> [Data to examine]
--- START ---
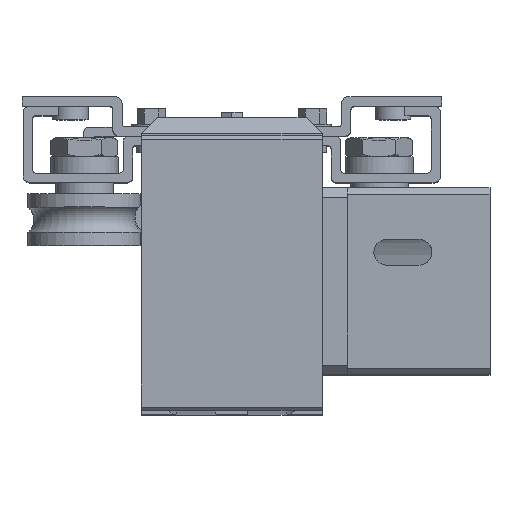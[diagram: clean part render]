
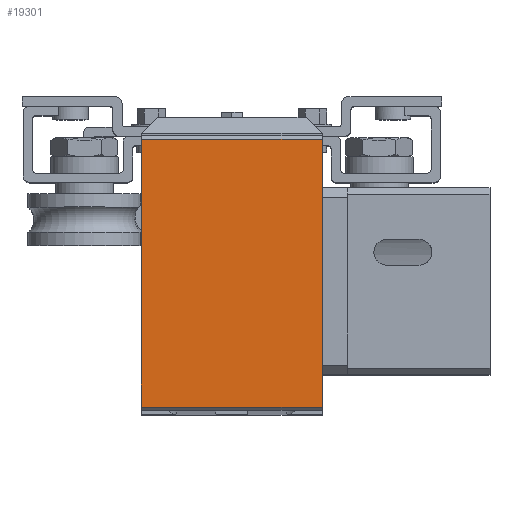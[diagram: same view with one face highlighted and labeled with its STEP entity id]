
A CAD part, top view. The second image highlights one B-rep face of the part: STEP entity #19301.
In plain terms, the highlighted planar face has unit normal (0, 0, 1) as drawn and (-1, 0, 0) by its records, which use the part's own axes.
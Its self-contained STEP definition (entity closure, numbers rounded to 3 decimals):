
#284 = CARTESIAN_POINT ( 'NONE',  ( -48., -41.5, 56. ) ) ;
#1394 = LINE ( 'NONE', #18005, #1530 ) ;
#1530 = VECTOR ( 'NONE', #4155, 1000. ) ;
#1936 = VECTOR ( 'NONE', #14816, 1000. ) ;
#2213 = EDGE_CURVE ( 'NONE', #4807, #11697, #8670, .T. ) ;
#2428 = VERTEX_POINT ( 'NONE', #284 ) ;
#2886 = CARTESIAN_POINT ( 'NONE',  ( -48., -41.5, 0. ) ) ;
#3145 = EDGE_CURVE ( 'NONE', #11697, #7623, #10700, .T. ) ;
#3724 = LINE ( 'NONE', #17388, #8308 ) ;
#3831 = FACE_OUTER_BOUND ( 'NONE', #15688, .T. ) ;
#4111 = CARTESIAN_POINT ( 'NONE',  ( -48., 41.5, 56. ) ) ;
#4155 = DIRECTION ( 'NONE',  ( 0., -1., 0. ) ) ;
#4807 = VERTEX_POINT ( 'NONE', #8675 ) ;
#5505 = DIRECTION ( 'NONE',  ( 0., 0., -1. ) ) ;
#5772 = CARTESIAN_POINT ( 'NONE',  ( -48., 41.5, 0. ) ) ;
#6655 = AXIS2_PLACEMENT_3D ( 'NONE', #13054, #19095, #5505 ) ;
#7623 = VERTEX_POINT ( 'NONE', #15740 ) ;
#8308 = VECTOR ( 'NONE', #18889, 1000. ) ;
#8670 = LINE ( 'NONE', #4111, #1936 ) ;
#8675 = CARTESIAN_POINT ( 'NONE',  ( -48., 41.5, 56. ) ) ;
#8928 = DIRECTION ( 'NONE',  ( 0., -1., 0. ) ) ;
#9877 = PLANE ( 'NONE',  #6655 ) ;
#10700 = LINE ( 'NONE', #2886, #16470 ) ;
#11190 = EDGE_CURVE ( 'NONE', #2428, #7623, #3724, .T. ) ;
#11697 = VERTEX_POINT ( 'NONE', #5772 ) ;
#13054 = CARTESIAN_POINT ( 'NONE',  ( -48., -41.5, 56. ) ) ;
#14816 = DIRECTION ( 'NONE',  ( 0., 0., -1. ) ) ;
#14984 = ORIENTED_EDGE ( 'NONE', *, *, #3145, .T. ) ;
#15133 = EDGE_CURVE ( 'NONE', #4807, #2428, #1394, .T. ) ;
#15688 = EDGE_LOOP ( 'NONE', ( #14984, #15712, #19294, #16374 ) ) ;
#15712 = ORIENTED_EDGE ( 'NONE', *, *, #11190, .F. ) ;
#15740 = CARTESIAN_POINT ( 'NONE',  ( -48., -41.5, 0. ) ) ;
#16374 = ORIENTED_EDGE ( 'NONE', *, *, #2213, .T. ) ;
#16470 = VECTOR ( 'NONE', #8928, 1000. ) ;
#17388 = CARTESIAN_POINT ( 'NONE',  ( -48., -41.5, 56. ) ) ;
#18005 = CARTESIAN_POINT ( 'NONE',  ( -48., -41.5, 56. ) ) ;
#18889 = DIRECTION ( 'NONE',  ( 0., 0., -1. ) ) ;
#19095 = DIRECTION ( 'NONE',  ( 1., 0., 0. ) ) ;
#19294 = ORIENTED_EDGE ( 'NONE', *, *, #15133, .F. ) ;
#19301 = ADVANCED_FACE ( 'NONE', ( #3831 ), #9877, .F. ) ;
--- END ---
Where an entry holds a picture, leave the picture out and output the rest exactly.

[diagram: clean part render]
[diagram: same view with one face highlighted and labeled with its STEP entity id]
A CAD part, top view. The second image highlights one B-rep face of the part: STEP entity #19301.
In plain terms, the highlighted planar face has unit normal (0, 0, 1) as drawn and (-1, 0, 0) by its records, which use the part's own axes.
Its self-contained STEP definition (entity closure, numbers rounded to 3 decimals):
#284 = CARTESIAN_POINT ( 'NONE',  ( -48., -41.5, 56. ) ) ;
#1394 = LINE ( 'NONE', #18005, #1530 ) ;
#1530 = VECTOR ( 'NONE', #4155, 1000. ) ;
#1936 = VECTOR ( 'NONE', #14816, 1000. ) ;
#2213 = EDGE_CURVE ( 'NONE', #4807, #11697, #8670, .T. ) ;
#2428 = VERTEX_POINT ( 'NONE', #284 ) ;
#2886 = CARTESIAN_POINT ( 'NONE',  ( -48., -41.5, 0. ) ) ;
#3145 = EDGE_CURVE ( 'NONE', #11697, #7623, #10700, .T. ) ;
#3724 = LINE ( 'NONE', #17388, #8308 ) ;
#3831 = FACE_OUTER_BOUND ( 'NONE', #15688, .T. ) ;
#4111 = CARTESIAN_POINT ( 'NONE',  ( -48., 41.5, 56. ) ) ;
#4155 = DIRECTION ( 'NONE',  ( 0., -1., 0. ) ) ;
#4807 = VERTEX_POINT ( 'NONE', #8675 ) ;
#5505 = DIRECTION ( 'NONE',  ( 0., 0., -1. ) ) ;
#5772 = CARTESIAN_POINT ( 'NONE',  ( -48., 41.5, 0. ) ) ;
#6655 = AXIS2_PLACEMENT_3D ( 'NONE', #13054, #19095, #5505 ) ;
#7623 = VERTEX_POINT ( 'NONE', #15740 ) ;
#8308 = VECTOR ( 'NONE', #18889, 1000. ) ;
#8670 = LINE ( 'NONE', #4111, #1936 ) ;
#8675 = CARTESIAN_POINT ( 'NONE',  ( -48., 41.5, 56. ) ) ;
#8928 = DIRECTION ( 'NONE',  ( 0., -1., 0. ) ) ;
#9877 = PLANE ( 'NONE',  #6655 ) ;
#10700 = LINE ( 'NONE', #2886, #16470 ) ;
#11190 = EDGE_CURVE ( 'NONE', #2428, #7623, #3724, .T. ) ;
#11697 = VERTEX_POINT ( 'NONE', #5772 ) ;
#13054 = CARTESIAN_POINT ( 'NONE',  ( -48., -41.5, 56. ) ) ;
#14816 = DIRECTION ( 'NONE',  ( 0., 0., -1. ) ) ;
#14984 = ORIENTED_EDGE ( 'NONE', *, *, #3145, .T. ) ;
#15133 = EDGE_CURVE ( 'NONE', #4807, #2428, #1394, .T. ) ;
#15688 = EDGE_LOOP ( 'NONE', ( #14984, #15712, #19294, #16374 ) ) ;
#15712 = ORIENTED_EDGE ( 'NONE', *, *, #11190, .F. ) ;
#15740 = CARTESIAN_POINT ( 'NONE',  ( -48., -41.5, 0. ) ) ;
#16374 = ORIENTED_EDGE ( 'NONE', *, *, #2213, .T. ) ;
#16470 = VECTOR ( 'NONE', #8928, 1000. ) ;
#17388 = CARTESIAN_POINT ( 'NONE',  ( -48., -41.5, 56. ) ) ;
#18005 = CARTESIAN_POINT ( 'NONE',  ( -48., -41.5, 56. ) ) ;
#18889 = DIRECTION ( 'NONE',  ( 0., 0., -1. ) ) ;
#19095 = DIRECTION ( 'NONE',  ( 1., 0., 0. ) ) ;
#19294 = ORIENTED_EDGE ( 'NONE', *, *, #15133, .F. ) ;
#19301 = ADVANCED_FACE ( 'NONE', ( #3831 ), #9877, .F. ) ;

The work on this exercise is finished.